On parle d’économie collaborative, du peer-to-peer ou du partage. Tous ces noms décrivent la même réalité, une nouvelle façon d’échanger l’information, les services et les biens. Elle repose sur l’idée que les individus méritent notre confiance et qu’il n’y a nul besoin d’institutions administratives ou politiques ni d’oligarchies industrielles pour nous dicter quoi, comment, où et quand échanger. Il y a le troc ou le don d’objets, de temps et de connaissances. Il y a aussi ce qu’on appelle les Entreprises Sociales et Solidaires, où le profit généré est mis à disposition d’un tiers bénéficiaire (employés, causes sociales ou environnementales, communautés sur internet…).
On entend par ci et là le chant révolutionnaire des communautés, mais les élites ne sont pas prêtes à perdre leur hégémonie et répondent férocement. A l’économie du partage se substituent de larges plateformes de commerce en ligne, la communauté laissant place aux groupes de consommateurs. Le peer-to-peer, lorsqu’il est mis sous tutelle du capitalisme libérale, bouleverse les statuts sociaux légiférés et créent de la précarité. Les individus travailleurs et créateurs de la valeur se retrouvent devant un vide juridique et législatif mettant en péril les acquis sociaux. Les élites reviennent alors sur des siècles de lutte et proposent le modèle précaire comme modèle social naturel répondant à une logique économique impérieuse et prétendument neutre, celle d’un libéralisme où le plus riche a tous les droits.

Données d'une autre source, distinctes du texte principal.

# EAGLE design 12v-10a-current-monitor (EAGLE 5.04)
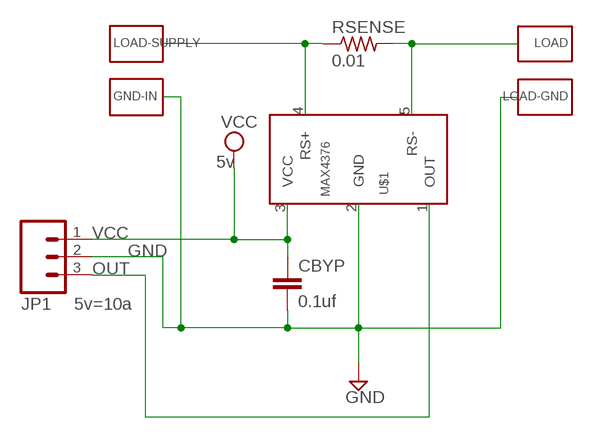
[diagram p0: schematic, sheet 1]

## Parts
CBYP  0.1uf  C-EUC1206  [C1206]
GND-IN  WIREPAD-SMD-NO-VALUE  [WIREPAD-SMD]
JP1  M03POLAR  [MOLEX-1X3]
LOAD  WIREPAD-SMD-NO-VALUE  [WIREPAD-SMD]
LOAD-GND  WIREPAD-SMD-NO-VALUE  [WIREPAD-SMD]
LOAD-SUPPLY  WIREPAD-SMD-NO-VALUE  [WIREPAD-SMD]
RSENSE  0.01  R-US_M1206  [M1206]
U$1  MAX4376  [TSOT23-5]

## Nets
GND: CBYP.2 GND-IN.1(P) JP1.2 LOAD-GND.1(P) U$1.2(GND)
N$1: LOAD.1(P) RSENSE.2 U$1.5(RS-)
N$2: LOAD-SUPPLY.1(P) RSENSE.1 U$1.4(RS+)
OUT: JP1.3 U$1.1(OUT)
VCC: CBYP.1 JP1.1 U$1.3(VCC)

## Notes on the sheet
- 5v
- 5v=10a

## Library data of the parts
CBYP = rcl:C-EU: CAPACITOR, European symbol
GND-IN LOAD LOAD-GND LOAD-SUPPLY = trl:WIREPAD-SMD-NO-VALUE
JP1 = SparkFun:M03: Header 3 Standard 3-pin 0.1" header. Use with straight break away headers (SKU : PRT-00116), right angle break away headers (PRT-00553), swiss pins (PRT-00743), machine pins (PRT-00117), and female headers (PRT-00115). Molex polarized connector foot print use with SKU : PRT-08232 with associated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
RSENSE = rcl:R-US_: RESISTOR, American symbol
U$1 = trl:MAX4376

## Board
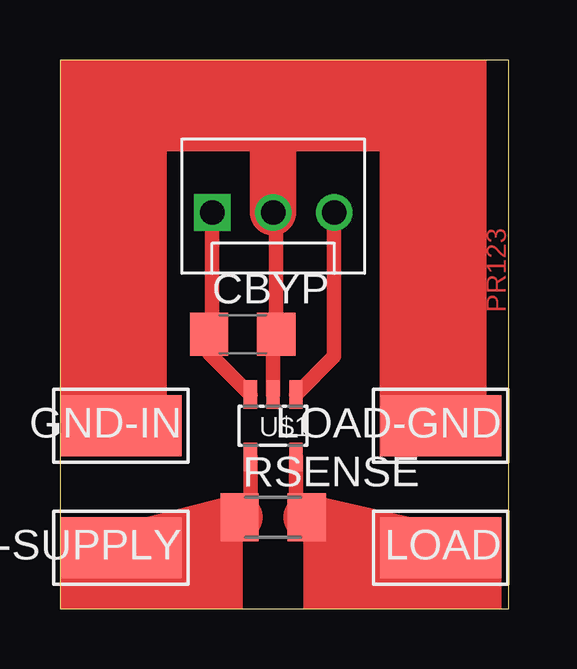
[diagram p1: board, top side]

Size 18.72 x 22.85 mm. Coordinates in mm from the lower left corner, seen from the top.
Outline: 0,0 18.72,0 18.72,22.85 0,22.85 0,0
Copper layers (1*16): Top 0.035mm / dielectric 1.5mm / Bottom 0.035mm
Design rules "default": minimum track width 10mil, minimum drill 24mil, track to track 8mil, track to pad 8mil, pad to pad 8mil, via to via 8mil, smd to smd 8mil, copper to edge 40mil, drill to drill 8mil, minimum pad ring 10mil, minimum via ring 8mil, stop-mask expansion 4mil, vias tented up to drill 0mil, thermal gap 10mil

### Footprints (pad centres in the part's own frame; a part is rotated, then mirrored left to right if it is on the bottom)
C1206 = smd 1.6 x 1.8: 1 -1.4,0; 2 1.4,0
WIREPAD-SMD = smd 2.54 x 5.08: 1 0,0
MOLEX-1X3 = drill 1.016 square: 1 0,0 | drill 1.016 round: 2 2.54,0; 3 5.08,0
M1206 = smd 1.6 x 2: 1 -1.4,0; 2 1.4,0
TSOT23-5 = smd 0.55 x 1.2: 1 -0.95,-1.3; 2 0,-1.3; 3 0.95,-1.3; 4 0.95,1.3; 5 -0.95,1.3

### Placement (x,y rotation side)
CBYP  7.62,11.43 0 top
GND-IN  2.54,7.62 90 top
JP1  6.35,16.51 0 top
LOAD  15.88,2.54 90 top
LOAD-GND  15.88,7.62 90 top
LOAD-SUPPLY  2.54,2.54 90 top
RSENSE  8.89,3.81 0 top
U$1  8.89,7.62 180 top

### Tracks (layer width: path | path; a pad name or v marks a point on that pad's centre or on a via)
GND
  Top 0.61: U$1.2 8.89,11.3 CBYP.2 9.02,16.38 JP1.2
  Top 1.93: 8.89,20.32 JP1.2
  Top 2.54: GND-IN.1 2.54,20.32 8.89,20.32 16.51,20.32 16.51,12.06 16.51,7.62 LOAD-GND.1
N$1
  Top 0.61: U$1.5 9.84,4.26 RSENSE.2
  Top 1.93: RSENSE.2 LOAD.1
N$2
  Top 0.61: U$1.4 7.94,4.26 RSENSE.1
  Top 1.93: RSENSE.1 LOAD-SUPPLY.1
OUT
  Top 0.61: U$1.1 11.43,10.51 JP1.3
VCC
  Top 0.61: CBYP.1 6.35,11.43 | U$1.3 6.22,10.64 CBYP.1 | CBYP.1 6.35,11.56 JP1.1
(copper drawn outside any net)
  shapes: Top area x5

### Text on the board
Top: PR123

Il n’est pas extravagant de douter de la viabilité d’un tel système. Un jour la masse se retournera contre son élite et la violence d’une telle révolte dépassera certainement l’imaginable.
Il est urgent de créer une économie durable. Elle devra être démocratique donnant le pouvoir à la majorité et la retirant à l’élite, protégeant les minorités et libérant la création, la valeur et l’échange. Il est temps de s’interroger sur le sens que nous voulons donner à l’économie du partage : elle peut être l’alternative à ce que nous vivons aujourd’hui, un monde où la distribution des richesses n’a jamais été aussi inégale et où l’exploitation exponentielle des ressources nous pose la question écologique du point de non retour. Sinon elle sera la dernière terre sèche avant le grand déluge.